Overtraining: como prevenir e tratar.

Glutamina

Em períodos de longas competições ou treinamento intensivo pode ocorrer a síndrome de supertreinamento. O “overtraining” é definido como “um desequilíbrio entre estresse e recuperação, ou seja, uma carga excessiva de estresse combinada com insuficiente regeneração”, vale ressaltar que nesse contexto o estresse não engloba somente o treinamento, mas fatores extracompetições e extratreinamento podem estar envolvidos, como por exemplo, situações emocionais, viagens entre outros.

 

O treinamento dos atletas, normalmente, é feito por sobreposição ou aumento de carga, sendo essa uma estratégia importante para a evolução e aumento do rendimento.
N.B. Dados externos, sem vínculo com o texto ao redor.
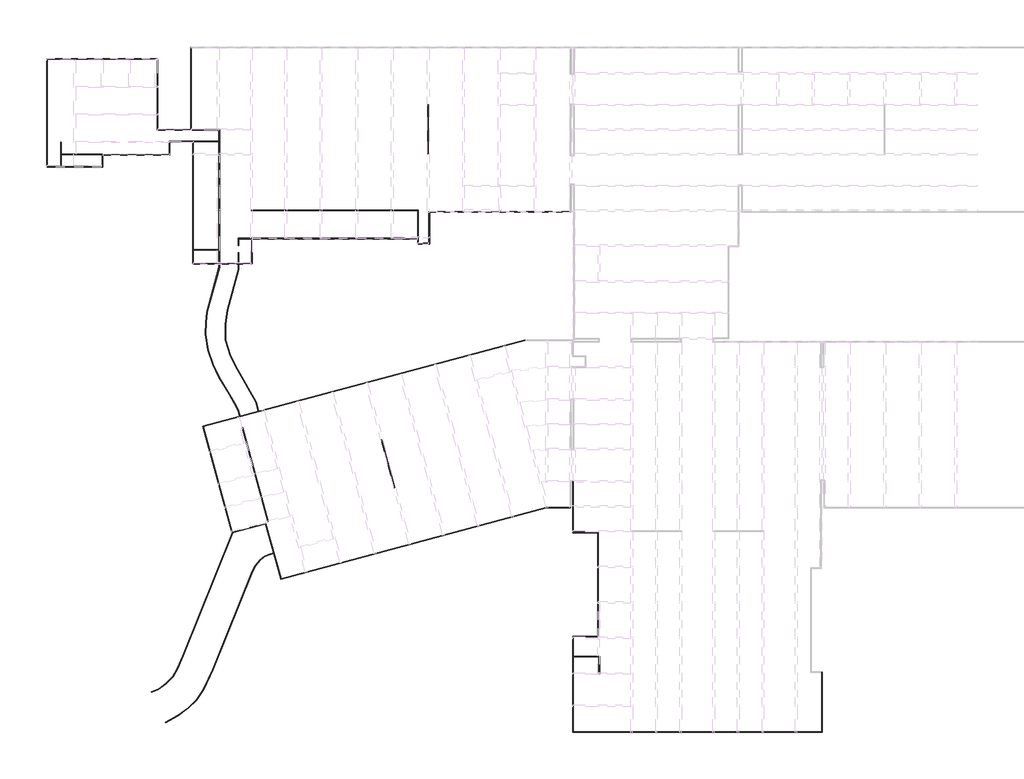
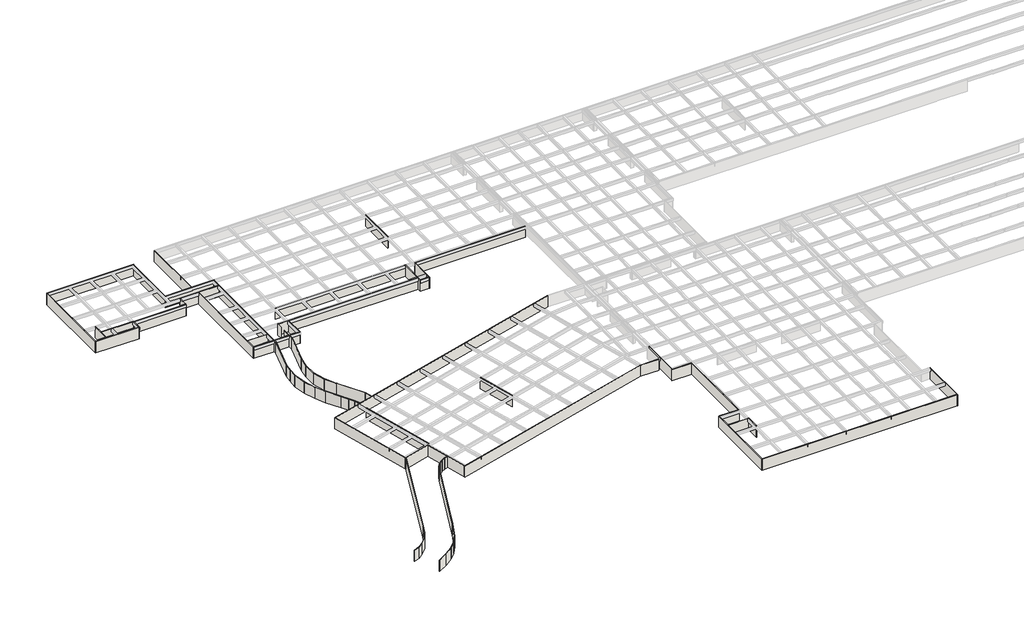
# One storey, part 1 of 14: 79 walls.
"""IFC4 building model written with IfcOpenShell, lengths in millimetres."""

from ifc_helpers import new_model, si_unit, origin, origin_with_axes, place, context, project, spatial, polyline, outline, extrude, faceted_brep, element, save

model = new_model("IFC4")

# Units and contexts
model_context = context("Model", 3, world=origin())
ifc_project = project(units=[si_unit("LENGTHUNIT", "METRE", prefix="MILLI")], contexts=[model_context])

# Site, building, storey
site = spatial("IfcSite", under=ifc_project)
building = spatial("IfcBuilding", under=site)
storey = spatial("IfcBuildingStorey", under=building, Name="户型图", Elevation=0.0)

# Walls
placement = place(None, origin())
element("IfcWall", 1, ObjectType="所有墙体", at=placement, inside=storey, context=model_context, shape_type="Brep", body=[
    faceted_brep([(-102060.8485237, -119994.1750557, 0.0), (-101940.8485237, -119994.1750557, 0.0), (-77810.8485237, -119994.1750557, 0.0), (-77690.8485237, -119994.1750557, 0.0), (-77690.8485237, -119994.1750557, 3300.0), (-77810.8485237, -119994.1750557, 3300.0), (-101940.8485237, -119994.1750557, 3300.0), (-102060.8485237, -119994.1750557, 3300.0), (-102060.8485237, -119874.1750557, 0.0), (-102060.8485237, -119874.1750557, 3300.0), (-77690.8485237, -119874.1750557, 3300.0), (-77690.8485237, -119874.1750557, 0.0)], [[[0, 1, 2, 3, 4, 5, 6, 7]], [[8, 9, 10, 11]], [[3, 2, 1, 0, 8, 11]], [[7, 6, 5, 4, 10, 9]], [[4, 3, 11, 10]], [[0, 7, 9, 8]]]),
])
element("IfcWall", 2, ObjectType="所有墙体", at=placement, inside=storey, context=model_context, shape_type="Brep", body=[
    faceted_brep([(-64072.7050956, -135348.950757, 0.0), (-70312.7050956, -135348.950757, 0.0), (-70432.7050956, -135348.950757, 0.0), (-77690.8485237, -135348.950757, 0.0), (-77810.8485237, -135348.950757, 0.0), (-77810.8485237, -135348.950757, 3300.0), (-77690.8485237, -135348.950757, 3300.0), (-70432.7050956, -135348.950757, 3300.0), (-70312.7050956, -135348.950757, 3300.0), (-64072.7050956, -135348.950757, 3300.0), (-64072.7050956, -135468.950757, 0.0), (-64072.7050956, -135468.950757, 3300.0), (-64162.6267154, -135468.950757, 3300.0), (-64282.6267154, -135468.950757, 3300.0), (-77810.8485237, -135468.950757, 3300.0), (-77810.8485237, -135468.950757, 0.0), (-64282.6267154, -135468.950757, 0.0), (-64162.6267154, -135468.950757, 0.0)], [[[0, 1, 2, 3, 4, 5, 6, 7, 8, 9]], [[10, 11, 12, 13, 14, 15, 16, 17]], [[4, 3, 2, 1, 0, 10, 17, 16, 15]], [[9, 8, 7, 6, 5, 14, 13, 12, 11]], [[0, 9, 11, 10]], [[5, 4, 15, 14]]]),
])
element("IfcWall", 3, ObjectType="所有墙体", at=placement, inside=storey, context=model_context, shape_type="SweptSolid", body=[
    extrude(outline(polyline([(-77690.8485237, -119994.1750557), (-77690.8485237, -135348.950757), (-77810.8485237, -135348.950757), (-77810.8485237, -119994.1750557), (-77690.8485237, -119994.1750557)])), origin_with_axes(), (0.0, 0.0, 1.0), 3300.0),
])
element("IfcWall", 4, ObjectType="所有墙体", at=placement, inside=storey, context=model_context, shape_type="Brep", body=[
    faceted_brep([(-64322.6267154, -137873.950757, 0.0), (-75185.8485237, -137873.950757, 0.0), (-75185.8485237, -137873.950757, 3300.0), (-64322.6267154, -137873.950757, 3300.0), (-64322.6267154, -137993.950757, 0.0), (-64322.6267154, -137993.950757, 3300.0), (-69912.7050956, -137993.950757, 3300.0), (-70032.7050956, -137993.950757, 3300.0), (-75065.8485237, -137993.950757, 3300.0), (-75185.8485237, -137993.950757, 3300.0), (-75185.8485237, -137993.950757, 0.0), (-75065.8485237, -137993.950757, 0.0), (-70032.7050956, -137993.950757, 0.0), (-69912.7050956, -137993.950757, 0.0)], [[[0, 1, 2, 3]], [[4, 5, 6, 7, 8, 9, 10, 11, 12, 13]], [[1, 0, 4, 13, 12, 11, 10]], [[3, 2, 9, 8, 7, 6, 5]], [[0, 3, 5, 4]], [[2, 1, 10, 9]]]),
])
element("IfcWall", 5, ObjectType="所有墙体", at=placement, inside=storey, context=model_context, shape_type="Brep", body=[
    faceted_brep([(-75185.8485237, -137993.950757, 0.0), (-75185.8485237, -140873.950757, 0.0), (-75185.8485237, -140993.950757, 0.0), (-75185.8485237, -140993.950757, 3300.0), (-75185.8485237, -140873.950757, 3300.0), (-75185.8485237, -137993.950757, 3300.0), (-75065.8485237, -137993.950757, 0.0), (-75065.8485237, -137993.950757, 3300.0), (-75065.8485237, -140993.950757, 3300.0), (-75065.8485237, -140993.950757, 0.0)], [[[0, 1, 2, 3, 4, 5]], [[6, 7, 8, 9]], [[2, 1, 0, 6, 9]], [[5, 4, 3, 8, 7]], [[0, 5, 7, 6]], [[3, 2, 9, 8]]]),
])
element("IfcWall", 6, ObjectType="所有墙体", at=placement, inside=storey, context=model_context, shape_type="Brep", body=[
    faceted_brep([(-75185.8485237, -140873.950757, 0.0), (-89885.8485237, -140873.950757, 0.0), (-89885.8485237, -140873.950757, 3300.0), (-75185.8485237, -140873.950757, 3300.0), (-75185.8485237, -140993.950757, 0.0), (-75185.8485237, -140993.950757, 3300.0), (-89765.8485237, -140993.950757, 3300.0), (-89885.8485237, -140993.950757, 3300.0), (-89885.8485237, -140993.950757, 0.0), (-89765.8485237, -140993.950757, 0.0)], [[[0, 1, 2, 3]], [[4, 5, 6, 7, 8, 9]], [[1, 0, 4, 9, 8]], [[3, 2, 7, 6, 5]], [[0, 3, 5, 4]], [[2, 1, 8, 7]]]),
])
element("IfcWall", 7, ObjectType="所有墙体", at=placement, inside=storey, context=model_context, shape_type="Brep", body=[
    faceted_brep([(-89885.8485237, -140993.950757, 0.0), (-89885.8485237, -143523.950757, 0.0), (-89885.8485237, -143643.950757, 0.0), (-89885.8485237, -143643.950757, 3300.0), (-89885.8485237, -143523.950757, 3300.0), (-89885.8485237, -140993.950757, 3300.0), (-89765.8485237, -140993.950757, 0.0), (-89765.8485237, -140993.950757, 3300.0), (-89765.8485237, -143643.950757, 3300.0), (-89765.8485237, -143643.950757, 0.0)], [[[0, 1, 2, 3, 4, 5]], [[6, 7, 8, 9]], [[2, 1, 0, 6, 9]], [[5, 4, 3, 8, 7]], [[0, 5, 7, 6]], [[3, 2, 9, 8]]]),
])
element("IfcWall", 8, ObjectType="所有墙体", at=placement, inside=storey, context=model_context, shape_type="Brep", body=[
    faceted_brep([(-89885.8485237, -143523.950757, 0.0), (-101940.8485237, -143523.950757, 0.0), (-102060.8485237, -143523.950757, 0.0), (-102060.8485237, -143523.950757, 3300.0), (-101940.8485237, -143523.950757, 3300.0), (-89885.8485237, -143523.950757, 3300.0), (-89885.8485237, -143643.950757, 0.0), (-89885.8485237, -143643.950757, 3300.0), (-102060.8485237, -143643.950757, 3300.0), (-102060.8485237, -143643.950757, 0.0)], [[[0, 1, 2, 3, 4, 5]], [[6, 7, 8, 9]], [[2, 1, 0, 6, 9]], [[5, 4, 3, 8, 7]], [[0, 5, 7, 6]], [[3, 2, 9, 8]]]),
])
element("IfcWall", 9, ObjectType="所有墙体", at=placement, inside=storey, context=model_context, shape_type="SweptSolid", body=[
    extrude(outline(polyline([(-101940.8485237, -119994.1750557), (-101940.8485237, -143523.950757), (-102060.8485237, -143523.950757), (-102060.8485237, -119994.1750557), (-101940.8485237, -119994.1750557)])), origin_with_axes(), (0.0, 0.0, 1.0), 3300.0),
])
element("IfcWall", 10, ObjectType="所有墙体", at=placement, inside=storey, context=model_context, shape_type="Brep", body=[
    faceted_brep([(-70312.7050956, -135348.950757, 0.0), (-70312.7050956, -117418.950757, 0.0), (-70312.7050956, -117298.950757, 0.0), (-70312.7050956, -117298.950757, 3300.0), (-70312.7050956, -117418.950757, 3300.0), (-70312.7050956, -135348.950757, 3300.0), (-70432.7050956, -135348.950757, 0.0), (-70432.7050956, -135348.950757, 3300.0), (-70432.7050956, -117298.950757, 3300.0), (-70432.7050956, -117298.950757, 0.0)], [[[0, 1, 2, 3, 4, 5]], [[6, 7, 8, 9]], [[2, 1, 0, 6, 9]], [[5, 4, 3, 8, 7]], [[0, 5, 7, 6]], [[3, 2, 9, 8]]]),
])
element("IfcWall", 11, ObjectType="所有墙体", at=placement, inside=storey, context=model_context, shape_type="Brep", body=[
    faceted_brep([(67772.2743803, -254333.1116625, 0.0), (67772.2743803, -267413.1116625, 0.0), (67772.2743803, -267533.1116625, 0.0), (67772.2743803, -267533.1116625, 3300.0), (67772.2743803, -267413.1116625, 3300.0), (67772.2743803, -254333.1116625, 3300.0), (67892.2743803, -254333.1116625, 0.0), (67892.2743803, -254333.1116625, 3300.0), (67892.2743803, -267533.1116625, 3300.0), (67892.2743803, -267533.1116625, 0.0)], [[[0, 1, 2, 3, 4, 5]], [[6, 7, 8, 9]], [[2, 1, 0, 6, 9]], [[5, 4, 3, 8, 7]], [[0, 5, 7, 6]], [[3, 2, 9, 8]]]),
])
element("IfcWall", 12, ObjectType="所有墙体", at=placement, inside=storey, context=model_context, shape_type="Brep", body=[
    faceted_brep([(67772.2743803, -267413.1116625, 0.0), (13292.2743803, -267413.1116625, 0.0), (13172.2743803, -267413.1116625, 0.0), (13172.2743803, -267413.1116625, 3300.0), (13292.2743803, -267413.1116625, 3300.0), (67772.2743803, -267413.1116625, 3300.0), (67772.2743803, -267533.1116625, 0.0), (67772.2743803, -267533.1116625, 3300.0), (13172.2743803, -267533.1116625, 3300.0), (13172.2743803, -267533.1116625, 0.0)], [[[0, 1, 2, 3, 4, 5]], [[6, 7, 8, 9]], [[2, 1, 0, 6, 9]], [[5, 4, 3, 8, 7]], [[0, 5, 7, 6]], [[3, 2, 9, 8]]]),
])
element("IfcWall", 13, ObjectType="所有墙体", at=placement, inside=storey, context=model_context, shape_type="Brep", body=[
    faceted_brep([(13292.2743803, -267413.1116625, 0.0), (13292.2743803, -250918.9547016, 0.0), (13292.2743803, -250798.9547016, 0.0), (13292.2743803, -246533.1116625, 0.0), (13292.2743803, -246413.1116625, 0.0), (13292.2743803, -246413.1116625, 3300.0), (13292.2743803, -246533.1116625, 3300.0), (13292.2743803, -250798.9547016, 3300.0), (13292.2743803, -250918.9547016, 3300.0), (13292.2743803, -267413.1116625, 3300.0), (13172.2743803, -267413.1116625, 0.0), (13172.2743803, -267413.1116625, 3300.0), (13172.2743803, -246413.1116625, 3300.0), (13172.2743803, -246413.1116625, 0.0)], [[[0, 1, 2, 3, 4, 5, 6, 7, 8, 9]], [[10, 11, 12, 13]], [[4, 3, 2, 1, 0, 10, 13]], [[9, 8, 7, 6, 5, 12, 11]], [[0, 9, 11, 10]], [[5, 4, 13, 12]]]),
])
element("IfcWall", 14, ObjectType="所有墙体", at=placement, inside=storey, context=model_context, shape_type="Brep", body=[
    faceted_brep([(13292.2743803, -246533.1116625, 0.0), (18792.2743803, -246533.1116625, 0.0), (18792.2743803, -246533.1116625, 3300.0), (13292.2743803, -246533.1116625, 3300.0), (13292.2743803, -246413.1116625, 0.0), (13292.2743803, -246413.1116625, 3300.0), (18672.2743803, -246413.1116625, 3300.0), (18792.2743803, -246413.1116625, 3300.0), (18792.2743803, -246413.1116625, 0.0), (18672.2743803, -246413.1116625, 0.0)], [[[0, 1, 2, 3]], [[4, 5, 6, 7, 8, 9]], [[1, 0, 4, 9, 8]], [[3, 2, 7, 6, 5]], [[0, 3, 5, 4]], [[2, 1, 8, 7]]]),
])
element("IfcWall", 15, ObjectType="所有墙体", at=placement, inside=storey, context=model_context, shape_type="Brep", body=[
    faceted_brep([(18792.2743803, -246413.1116625, 0.0), (18792.2743803, -223613.1116625, 0.0), (18792.2743803, -223613.1116625, 3300.0), (18792.2743803, -246413.1116625, 3300.0), (18672.2743803, -246413.1116625, 0.0), (18672.2743803, -246413.1116625, 3300.0), (18672.2743803, -223733.1116625, 3300.0), (18672.2743803, -223613.1116625, 3300.0), (18672.2743803, -223613.1116625, 0.0), (18672.2743803, -223733.1116625, 0.0)], [[[0, 1, 2, 3]], [[4, 5, 6, 7, 8, 9]], [[1, 0, 4, 9, 8]], [[3, 2, 7, 6, 5]], [[0, 3, 5, 4]], [[2, 1, 8, 7]]]),
])
element("IfcWall", 16, ObjectType="所有墙体", at=placement, inside=storey, context=model_context, shape_type="Brep", body=[
    faceted_brep([(18672.2743803, -223613.1116625, 0.0), (13292.2743803, -223613.1116625, 0.0), (13172.2743803, -223613.1116625, 0.0), (13172.2743803, -223613.1116625, 3300.0), (13292.2743803, -223613.1116625, 3300.0), (18672.2743803, -223613.1116625, 3300.0), (18672.2743803, -223733.1116625, 0.0), (18672.2743803, -223733.1116625, 3300.0), (13172.2743803, -223733.1116625, 3300.0), (13172.2743803, -223733.1116625, 0.0)], [[[0, 1, 2, 3, 4, 5]], [[6, 7, 8, 9]], [[2, 1, 0, 6, 9]], [[5, 4, 3, 8, 7]], [[0, 5, 7, 6]], [[3, 2, 9, 8]]]),
])
element("IfcWall", 17, ObjectType="所有墙体", at=placement, inside=storey, context=model_context, shape_type="Brep", body=[
    faceted_brep([(13292.2743803, -223613.1116625, 0.0), (13292.2743803, -212513.1116625, 0.0), (13292.2743803, -212513.1116625, 3300.0), (13292.2743803, -223613.1116625, 3300.0), (13172.2743803, -223613.1116625, 0.0), (13172.2743803, -223613.1116625, 3300.0), (13172.2743803, -212633.1116625, 3300.0), (13172.2743803, -212513.1116625, 3300.0), (13172.2743803, -212513.1116625, 0.0), (13172.2743803, -212633.1116625, 0.0)], [[[0, 1, 2, 3]], [[4, 5, 6, 7, 8, 9]], [[1, 0, 4, 9, 8]], [[3, 2, 7, 6, 5]], [[0, 3, 5, 4]], [[2, 1, 8, 7]]]),
])
element("IfcWall", 18, ObjectType="所有墙体", at=placement, inside=storey, context=model_context, shape_type="SweptSolid", body=[
    extrude(outline(polyline([(7424.3695711, -218205.2956278), (12672.2743803, -218205.2956278), (12672.2743803, -218325.2956278), (7440.1791895, -218325.2956278), (7424.3695711, -218205.2956278)])), origin_with_axes(), (0.0, 0.0, 1.0), 3300.0),
])
element("IfcWall", 19, ObjectType="所有墙体", at=placement, inside=storey, context=model_context, shape_type="Brep", body=[
    faceted_brep([(7424.3695711, -218205.2956278, 0.0), (-50671.4297883, -233783.5648272, 0.0), (-50787.3364124, -233814.6449502, 0.0), (-50787.3364124, -233814.6449502, 3300.0), (-50671.4297883, -233783.5648272, 3300.0), (7424.3695711, -218205.2956278, 3300.0), (7440.1791895, -218325.2956278, 0.0), (7440.1791895, -218325.2956278, 3300.0), (-50755.7106249, -233930.403877, 3300.0), (-50755.7106249, -233930.403877, 0.0)], [[[0, 1, 2, 3, 4, 5]], [[6, 7, 8, 9]], [[2, 1, 0, 6, 9]], [[5, 4, 3, 8, 7]], [[0, 5, 7, 6]], [[3, 2, 9, 8]]]),
])
element("IfcWall", 20, ObjectType="所有墙体", at=placement, inside=storey, context=model_context, shape_type="Brep", body=[
    faceted_brep([(-50671.4297883, -233783.5648272, 0.0), (-53985.8264316, -221651.9776687, 0.0), (-53985.8264316, -221651.9776687, 3300.0), (-50671.4297883, -233783.5648272, 3300.0), (-50787.3364124, -233814.6449502, 0.0), (-50787.3364124, -233814.6449502, 3300.0), (-52290.212691, -228313.7117417, 3300.0), (-52321.8387283, -228197.9519009, 3300.0), (-54070.1131044, -221798.7953563, 3300.0), (-54101.7389202, -221683.0363264, 3300.0), (-54101.7389202, -221683.0363264, 0.0), (-54070.1131044, -221798.7953563, 0.0), (-52321.8387283, -228197.9519009, 0.0), (-52290.212691, -228313.7117417, 0.0)], [[[0, 1, 2, 3]], [[4, 5, 6, 7, 8, 9, 10, 11, 12, 13]], [[1, 0, 4, 13, 12, 11, 10]], [[3, 2, 9, 8, 7, 6, 5]], [[0, 3, 5, 4]], [[2, 1, 10, 9]]]),
])
element("IfcWall", 21, ObjectType="所有墙体", at=placement, inside=storey, context=model_context, shape_type="Brep", body=[
    faceted_brep([(-54101.7389202, -221683.0363264, 0.0), (-61389.3646897, -223635.7497661, 0.0), (-61505.2771782, -223666.8084238, 0.0), (-61505.2771782, -223666.8084238, 3300.0), (-61389.3646897, -223635.7497661, 3300.0), (-54101.7389202, -221683.0363264, 3300.0), (-54070.1131044, -221798.7953563, 0.0), (-54070.1131044, -221798.7953563, 3300.0), (-61473.6513625, -223782.5674537, 3300.0), (-61473.6513625, -223782.5674537, 0.0)], [[[0, 1, 2, 3, 4, 5]], [[6, 7, 8, 9]], [[2, 1, 0, 6, 9]], [[5, 4, 3, 8, 7]], [[0, 5, 7, 6]], [[3, 2, 9, 8]]]),
])
element("IfcWall", 22, ObjectType="所有墙体", at=placement, inside=storey, context=model_context, shape_type="Brep", body=[
    faceted_brep([(-61389.3646897, -223635.7497661, 0.0), (-67709.1807348, -200503.5156291, 0.0), (-67740.8065505, -200387.7565992, 0.0), (-67740.8065505, -200387.7565992, 3300.0), (-67709.1807348, -200503.5156291, 3300.0), (-61389.3646897, -223635.7497661, 3300.0), (-61505.2771782, -223666.8084238, 0.0), (-61505.2771782, -223666.8084238, 3300.0), (-67856.719039, -200418.8152569, 3300.0), (-67856.719039, -200418.8152569, 0.0)], [[[0, 1, 2, 3, 4, 5]], [[6, 7, 8, 9]], [[2, 1, 0, 6, 9]], [[5, 4, 3, 8, 7]], [[0, 5, 7, 6]], [[3, 2, 9, 8]]]),
])
element("IfcWall", 23, ObjectType="所有墙体", at=placement, inside=storey, context=model_context, shape_type="Brep", body=[
    faceted_brep([(-67709.1807348, -200503.5156291, 0.0), (2737.534582, -181627.3751505, 0.0), (2737.534582, -181627.3751505, 3300.0), (-67709.1807348, -200503.5156291, 3300.0), (-67740.8065505, -200387.7565992, 0.0), (-67740.8065505, -200387.7565992, 3300.0), (-59754.9827385, -198247.9615579, 3300.0), (-59639.0716393, -198216.9032725, 3300.0), (-55640.8160452, -197145.5739149, 3300.0), (-55524.904946, -197114.5156295, 3300.0), (2721.7362823, -181507.3751505, 3300.0), (2721.7362823, -181507.3751505, 0.0), (-55524.904946, -197114.5156295, 0.0), (-55640.8160452, -197145.5739149, 0.0), (-59639.0716393, -198216.9032725, 0.0), (-59754.9827385, -198247.9615579, 0.0)], [[[0, 1, 2, 3]], [[4, 5, 6, 7, 8, 9, 10, 11, 12, 13, 14, 15]], [[1, 0, 4, 15, 14, 13, 12, 11]], [[3, 2, 10, 9, 8, 7, 6, 5]], [[0, 3, 5, 4]], [[2, 1, 11, 10]]]),
])
element("IfcWall", 24, ObjectType="所有墙体", at=placement, inside=storey, context=model_context, shape_type="Brep", body=[
    faceted_brep([(12717.2949044, -153307.3751505, 0.0), (-18282.7050956, -153307.3751505, 0.0), (-18282.7050956, -153307.3751505, 3300.0), (12717.2949044, -153307.3751505, 3300.0), (12717.2949044, -153427.3751505, 0.0), (12717.2949044, -153427.3751505, 3300.0), (-18162.7050956, -153427.3751505, 3300.0), (-18282.7050956, -153427.3751505, 3300.0), (-18282.7050956, -153427.3751505, 0.0), (-18162.7050956, -153427.3751505, 0.0)], [[[0, 1, 2, 3]], [[4, 5, 6, 7, 8, 9]], [[1, 0, 4, 9, 8]], [[3, 2, 7, 6, 5]], [[0, 3, 5, 4]], [[2, 1, 8, 7]]]),
])
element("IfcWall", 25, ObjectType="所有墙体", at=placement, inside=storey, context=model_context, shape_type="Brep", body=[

No entanto, para que a evolução ocorra há a necessidade de superação desse estímulo e isso acontece no descanso, na fase de regeneração com posterior supercompensação. O overtraining é caracterizado por um estímulo constante sem a devida regeneração e superação.

 

Os principais sintomas do overtraining são: queda no rendimento esportivo, aumento do sono, perda de apetite, depressão e desmotivação. Sendo que alguns indicadores podem aparecer antes da diminuição do rendimento. É importante que o atleta e o treinador responsável estejam atentos a isso, visto que a detecção desses sintomas precocemente pode acelerar o tratamento e reduzir os malefícios.

 

Não existe um indicador universal para o diagnóstico do overtraining, mas alguns parâmetros são encontrados com frequência, por exemplo, diminuição do VO2max em teste incremental até à exaustão; diminuição da frequência cardíaca máxima (cerca de 5-10 bpm); diminuição dos eosinófilos, testosterona, noradrenalina, hematócrito, eritrócitos e hemoglobina e aumento da enzima creatina quinase (indicando possível lesão muscular). Mesmo não sendo consenso, a verificação desses parâmetros constantemente pode ajudar a prevenir ou detectar o overtraining em fase inicial.

 

Para a prevenção do overtraining, o melhor a ser feito é a periodização do treinamento, repouso adequado, alimentação equilibrada para uma correta reposição do glicogênio muscular, assim como ingestão de nutrientes que reforcem o sistema imunológico, como a glutamina. Alguns autores citam que “o tratamento mais adequado para o atleta que está em overtraining é o repouso, que em geral não deve ser inferior a 5 semanas, com sessões crescentes de atividade aeróbia. A completa recuperação pode levar 12 semanas e a individualidade biológica de cada atleta deve ser respeitada”.

Portanto, deve-se ficar atento a todas essas variáveis, visto que o overtraining pode ter consequências drásticas, como o completo abandono da carreira esportiva.